I think it would depend on which MES you have.

It looks like have what they call an analog unit which looks to me like it uses a temp controller like one of those electric fry pan things. To me that wouldn't seem to be able to work worth a damn as the temp sensor is in the bottom of the smoker where the cord and control unit plugs in so it would naturally be all over the place depending on the weather and ambient temp.

You want a sensor probe located somewhere in the vicinity of the food you're cooking. For example in my charcoal fired offset, I have the sensor mounted just an inch or less below the grill the food sits on. 

Then again if whatever you happen to have works for you, there is no reason what so ever to fix what ain't broke.

Then again the typical PID algorytym is a lot more precice than a simple on/off type of control as it learns to lead predictively what the temperatre will be instead of simply reacting to what it is and allowing substancial overshoot.


----------



## Bearcarver

Dick Foster said:


> From what I can read the temp regulation of the Masterbuilt units is terrible. A PID controller like the one I am recommending can automatically learn how much the controller needs to lead the smoker and heater elements and so hold the temp regulation much tighter.  PID stands for Proportional, Integral and Derivative which are the elements of a sophisticated closed loop control system to control things like temperature and mechanical motion.
> 
> Tuning PID loops can sometimes be frustrating unless you know what you're doing but this particular PID controller one has an auto-learn routine that can be invoked. You'd have to let it make some dry runs so it can teach itself your smoker but it would learn to regulate the temperature very close, probably within a degree or less.
> 
> Using the SSR it will basically control the duty cycle of power applied to the heater element so it's not simply either on or off but held actually to a temp that maintains the temp inside to what you want it to be. If the temp drops the duty cycle of power on is increased to make the element hotter. As the target temp gets closer to the target temp, it starts dialing back the duty cycle therefore cooling down the heating element so it doesn't over shoot the mark. That's the Proportional bit, the duty cycle is proportional to how far off the mark the actual temperature is.
> 
> Digial doesn't always mean accurate although a lot of people seem to think it does.
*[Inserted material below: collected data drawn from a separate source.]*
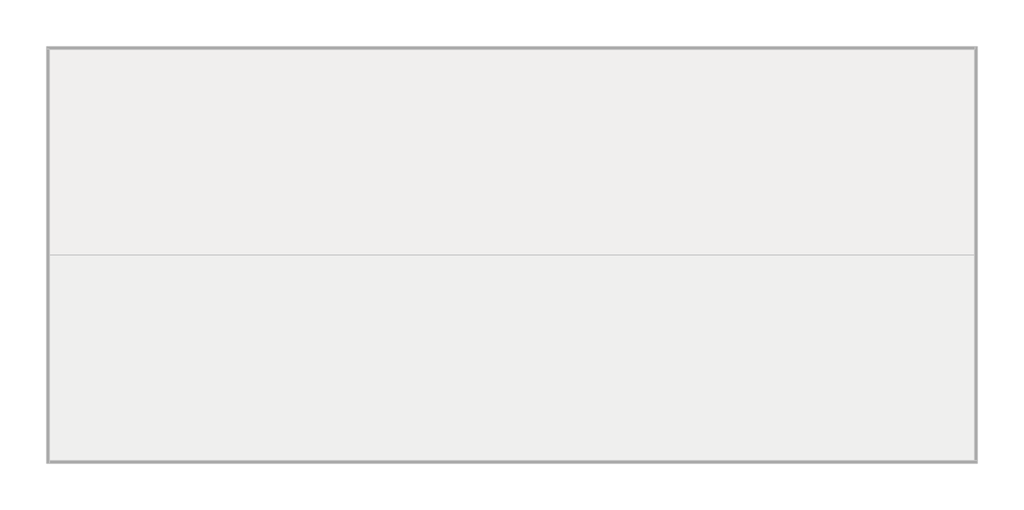
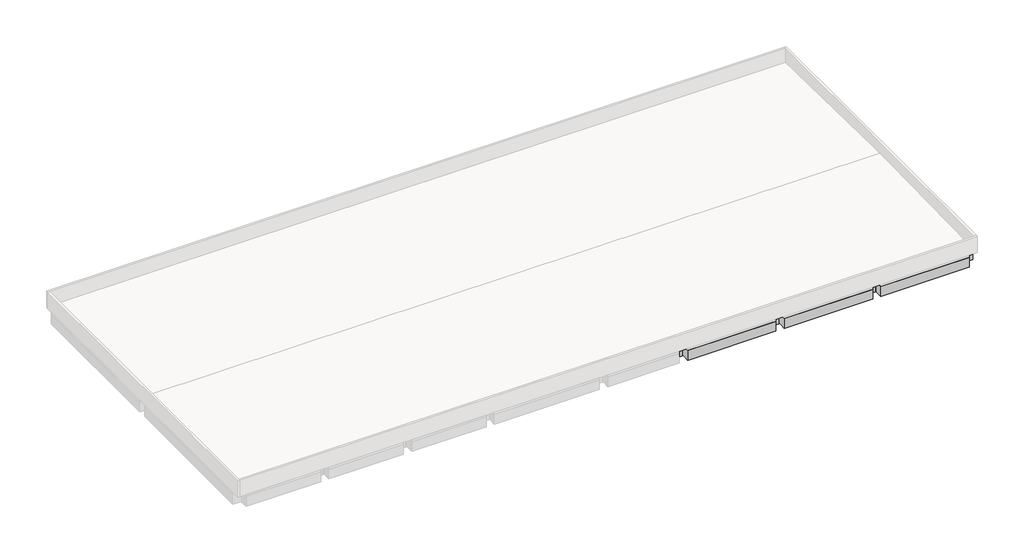
# One storey, part 2 of 2: 37 beams.
"""IFC4 building model written with IfcOpenShell, lengths in millimetres."""

from ifc_helpers import new_model, si_unit, origin, place, context, project, spatial, faceted_brep, element, save

model = new_model("IFC4")

# Units and contexts
model_context = context("Model", 3, world=origin())
ifc_project = project(units=[si_unit("LENGTHUNIT", "METRE", prefix="MILLI")], contexts=[model_context])

# Site, building, storey
site = spatial("IfcSite", under=ifc_project)
building = spatial("IfcBuilding", under=site)
storey = spatial("IfcBuildingStorey", under=building, Name="TOC", Elevation=7649.9618634)

# Beams
placement = place(None, origin())
element("IfcBeam", 1, ObjectType="RC Beam_Rectangular : H_SB_AR_S16_B600xH900_RG9", at=placement, inside=storey, context=model_context, shape_type="Brep", body=[
    faceted_brep([(300.0, 24199.5208589, 6749.9618634), (300.0, 23749.5208589, 6749.9618634), (300.0, 23599.5208589, 6749.9618634), (300.0, 23599.5208589, 7499.9618634), (300.0, 24199.5208589, 7499.9618634), (5700.0, 23599.5208589, 6749.9618634), (5700.0, 23749.5208589, 6749.9618634), (5700.0, 24199.5208589, 6749.9618634), (5700.0, 24199.5208589, 7499.9618634), (5700.0, 23599.5208589, 7499.9618634), (2800.0, 23599.5208589, 7499.9618634), (3200.0, 23599.5208589, 7499.9618634), (2800.0, 23599.5208589, 6749.9618634), (3200.0, 23599.5208589, 6749.9618634)], [[[0, 1, 2, 3, 4]], [[5, 6, 7, 8, 9]], [[4, 3, 10, 11, 9, 8]], [[2, 12, 13, 5, 9, 11, 10, 3]], [[2, 1, 0, 7, 6, 5, 13, 12]], [[7, 0, 4, 8]]]),
])
element("IfcBeam", 2, ObjectType="RC Beam_Rectangular : H_SB_AR_S16_B600xH900_RG9", at=placement, inside=storey, context=model_context, shape_type="Brep", body=[
    faceted_brep([(6300.0, 24199.5208589, 6749.9618634), (6300.0, 23749.5208589, 6749.9618634), (6300.0, 23599.5208589, 6749.9618634), (6300.0, 23599.5208589, 7499.9618634), (6300.0, 24199.5208589, 7499.9618634), (11700.0, 23599.5208589, 6749.9618634), (11700.0, 23749.5208589, 6749.9618634), (11700.0, 24199.5208589, 6749.9618634), (11700.0, 24199.5208589, 7499.9618634), (11700.0, 23599.5208589, 7499.9618634), (8800.0, 23599.5208589, 7499.9618634), (9200.0, 23599.5208589, 7499.9618634), (8800.0, 23599.5208589, 6749.9618634), (9200.0, 23599.5208589, 6749.9618634)], [[[0, 1, 2, 3, 4]], [[5, 6, 7, 8, 9]], [[4, 3, 10, 11, 9, 8]], [[2, 12, 13, 5, 9, 11, 10, 3]], [[2, 1, 0, 7, 6, 5, 13, 12]], [[7, 0, 4, 8]]]),
])
element("IfcBeam", 3, ObjectType="RC Beam_Rectangular : H_SB_AR_S16_B600xH900_RG9", at=placement, inside=storey, context=model_context, shape_type="Brep", body=[
    faceted_brep([(12300.0, 24199.5208589, 6749.9618634), (12300.0, 23749.5208589, 6749.9618634), (12300.0, 23599.5208589, 6749.9618634), (12300.0, 23599.5208589, 7499.9618634), (12300.0, 24199.5208589, 7499.9618634), (17700.0, 23599.5208589, 6749.9618634), (17700.0, 23749.5208589, 6749.9618634), (17700.0, 24199.5208589, 6749.9618634), (17700.0, 24199.5208589, 7499.9618634), (17700.0, 23599.5208589, 7499.9618634), (14800.0, 23599.5208589, 7499.9618634), (15200.0, 23599.5208589, 7499.9618634), (14800.0, 23599.5208589, 6749.9618634), (15200.0, 23599.5208589, 6749.9618634)], [[[0, 1, 2, 3, 4]], [[5, 6, 7, 8, 9]], [[4, 3, 10, 11, 9, 8]], [[2, 12, 13, 5, 9, 11, 10, 3]], [[2, 1, 0, 7, 6, 5, 13, 12]], [[7, 0, 4, 8]]]),
])
element("IfcBeam", 4, ObjectType="RC Beam_Rectangular : H_SB_AR_S16_B600xH900_RG9", at=placement, inside=storey, context=model_context, shape_type="Brep", body=[
    faceted_brep([(18300.0, 24199.5208589, 6749.9618634), (18300.0, 23749.5208589, 6749.9618634), (18300.0, 23599.5208589, 6749.9618634), (18300.0, 23599.5208589, 7499.9618634), (18300.0, 24199.5208589, 7499.9618634), (25900.0, 23599.5208589, 6749.9618634), (25900.0, 23749.5208589, 6749.9618634), (25900.0, 24199.5208589, 6749.9618634), (25900.0, 24199.5208589, 7499.9618634), (25900.0, 23599.5208589, 7499.9618634), (21800.0, 23599.5208589, 7499.9618634), (22400.0, 23599.5208589, 7499.9618634), (21800.0, 23599.5208589, 6749.9618634), (22400.0, 23599.5208589, 6749.9618634)], [[[0, 1, 2, 3, 4]], [[5, 6, 7, 8, 9]], [[4, 3, 10, 11, 9, 8]], [[2, 12, 13, 5, 9, 11, 10, 3]], [[2, 1, 0, 7, 6, 5, 13, 12]], [[7, 0, 4, 8]]]),
])
element("IfcBeam", 5, ObjectType="RC Beam_Rectangular : H_SB_AR_S16_B600xH900_RG9", at=placement, inside=storey, context=model_context, shape_type="Brep", body=[
    faceted_brep([(26500.0, 24199.5208589, 6749.9618634), (26500.0, 23749.5208589, 6749.9618634), (26500.0, 23599.5208589, 6749.9618634), (26500.0, 23599.5208589, 7499.9618634), (26500.0, 24199.5208589, 7499.9618634), (31700.0, 23599.5208589, 6749.9618634), (31700.0, 23749.5208589, 6749.9618634), (31700.0, 24199.5208589, 6749.9618634), (31700.0, 24199.5208589, 7499.9618634), (31700.0, 23599.5208589, 7499.9618634), (28800.0, 23599.5208589, 7499.9618634), (29400.0, 23599.5208589, 7499.9618634), (28800.0, 23599.5208589, 6749.9618634), (29400.0, 23599.5208589, 6749.9618634)], [[[0, 1, 2, 3, 4]], [[5, 6, 7, 8, 9]], [[4, 3, 10, 11, 9, 8]], [[2, 12, 13, 5, 9, 11, 10, 3]], [[2, 1, 0, 7, 6, 5, 13, 12]], [[7, 0, 4, 8]]]),
])
element("IfcBeam", 6, ObjectType="RC Beam_Rectangular : H_SB_AR_S16_B600xH900_RG9", at=placement, inside=storey, context=model_context, shape_type="Brep", body=[
    faceted_brep([(32300.0, 24199.5208589, 6749.9618634), (32300.0, 23749.5208589, 6749.9618634), (32300.0, 23599.5208589, 6749.9618634), (32300.0, 23599.5208589, 7499.9618634), (32300.0, 24199.5208589, 7499.9618634), (38700.0, 23599.5208589, 6749.9618634), (38700.0, 23749.5208589, 6749.9618634), (38700.0, 24199.5208589, 6749.9618634), (38700.0, 24199.5208589, 7499.9618634), (38700.0, 23599.5208589, 7499.9618634), (33250.0, 23599.5208589, 7499.9618634), (33450.0, 23599.5208589, 7499.9618634), (35200.0, 23599.5208589, 7499.9618634), (35800.0, 23599.5208589, 7499.9618634), (35200.0, 23599.5208589, 6749.9618634), (35800.0, 23599.5208589, 6749.9618634)], [[[0, 1, 2, 3, 4]], [[5, 6, 7, 8, 9]], [[4, 3, 10, 11, 12, 13, 9, 8]], [[2, 14, 15, 5, 9, 13, 12, 11, 10, 3]], [[2, 1, 0, 7, 6, 5, 15, 14]], [[7, 0, 4, 8]]]),
])
element("IfcBeam", 7, ObjectType="RC Beam_Rectangular : H_SB_AR_S16_B600xH900_RG9", at=placement, inside=storey, context=model_context, shape_type="Brep", body=[
    faceted_brep([(39300.0, 24199.5208589, 6749.9618634), (39300.0, 23749.5208589, 6749.9618634), (39300.0, 23599.5208589, 6749.9618634), (39300.0, 23599.5208589, 7499.9618634), (39300.0, 24199.5208589, 7499.9618634), (45700.0, 23599.5208589, 6749.9618634), (45700.0, 23749.5208589, 6749.9618634), (45700.0, 24199.5208589, 6749.9618634), (45700.0, 24199.5208589, 7499.9618634), (45700.0, 23599.5208589, 7499.9618634), (42200.0, 23599.5208589, 7499.9618634), (42800.0, 23599.5208589, 7499.9618634), (43500.0, 23599.5208589, 7499.9618634), (43700.0, 23599.5208589, 7499.9618634), (42200.0, 23599.5208589, 6749.9618634), (42800.0, 23599.5208589, 6749.9618634)], [[[0, 1, 2, 3, 4]], [[5, 6, 7, 8, 9]], [[4, 3, 10, 11, 12, 13, 9, 8]], [[2, 14, 15, 5, 9, 13, 12, 11, 10, 3]], [[2, 1, 0, 7, 6, 5, 15, 14]], [[7, 0, 4, 8]]]),
])
element("IfcBeam", 8, ObjectType="RC Beam_Rectangular : H_SB_AR_S16_B600xH900_RG9", at=placement, inside=storey, context=model_context, shape_type="Brep", body=[
    faceted_brep([(46300.0, 24199.5208589, 6749.9618634), (46300.0, 23749.5208589, 6749.9618634), (46300.0, 23599.5208589, 6749.9618634), (46300.0, 23599.5208589, 7499.9618634), (46300.0, 24199.5208589, 7499.9618634), (52700.0, 23599.5208589, 6749.9618634), (52700.0, 23749.5208589, 6749.9618634), (52700.0, 24199.5208589, 6749.9618634), (52700.0, 24199.5208589, 7499.9618634), (52700.0, 23599.5208589, 7499.9618634), (48900.0, 23599.5208589, 7499.9618634), (49100.0, 23599.5208589, 7499.9618634), (49200.0, 23599.5208589, 7499.9618634), (49800.0, 23599.5208589, 7499.9618634), (52574.0, 23599.5208589, 7499.9618634), (49200.0, 23599.5208589, 6749.9618634), (49800.0, 23599.5208589, 6749.9618634)], [[[0, 1, 2, 3, 4]], [[5, 6, 7, 8, 9]], [[4, 3, 10, 11, 12, 13, 14, 9, 8]], [[2, 15, 16, 5, 9, 14, 13, 12, 11, 10, 3]], [[2, 1, 0, 7, 6, 5, 16, 15]], [[7, 0, 4, 8]]]),
])
element("IfcBeam", 9, ObjectType="RC Beam_Rectangular : H_SB_AR_S16_B600xH900_RG5", at=placement, inside=storey, context=model_context, shape_type="Brep", body=[
    faceted_brep([(32300.0, 8599.5208589, 6749.9618634), (32300.0, 8399.5208589, 6749.9618634), (32300.0, 7999.5208589, 6749.9618634), (32300.0, 7999.5208589, 7499.9618634), (32300.0, 8599.5208589, 7499.9618634), (38700.0, 7999.5208589, 6749.9618634), (38700.0, 8599.5208589, 6749.9618634), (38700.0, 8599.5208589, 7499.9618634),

It just means that some part of the control is digital or has a digital readout or input of some kind.


MES has a few problems (slight), but the digital controller is not one of them. As far as accuracy goes, it depends on where you put the sensor. Will a PID "automatically learn [color= rgb(24, 24, 24)]how much the controller needs to lead the smoker and heater elements"? Will it learn that in the morning---then adjust wrong in the afternoon? Sometimes it's 35˚ when I start smoking, and 78˚ when I'm done. The MES is often way off from a separate probe, but only because of "WHERE" the sensors are. It doesn't need a PID---It needs a baffle like many of us already use, to keep the heat from going up the right side. If I had a smoker without digitally controlled heat, I would want to get a PID, but my MES knows what it's doing.[/color]

Bearcarver


----------



## flyweed

guys..the reason I want to add a temp controller to my MES 30 is because it fluctuates in temp far too much for my liking.  It swings a good 20-30 degrees over the course of a smoke. I will add a PID controller to hopefully hold that swing to a few degrees..or even better.

I got my Masterbuilt Electric smoker from Cabela's.....it does have the digital temp unit on top of the smoker.

Here is a photo


----------



## eman

I don't think that the PID will help you much over the digital controller.

 I have used the 40" for allmost 2 years and yes it does fluctuate around the controller on the unit but i really don't see where spending another 80 bucks for a new controller will make enough difference to make it worth what you spend.

  I have no problems w/ my smokes as the unit is.

 let me add the reason i say this is that fluctuations of 20- 30 degrees either way won't ammount to a hill of beans during a smoke. I'm not trying to cook a souflee on my mes.

 In meat cooking there is alot of room for fluctuation . we may say cook at a certain temp. but it's just a guide.

 if you want to spend another $80 for a pid and the time to install it ,Buy all means go right ahead. But will it make your smokes come out any better than anyone elses ? I doubt it.


----------



## deltadude

You will find most MES mods that have been done by SMF members in this thread

MES HOT MODS and Creations

There is at least one with a PID controller...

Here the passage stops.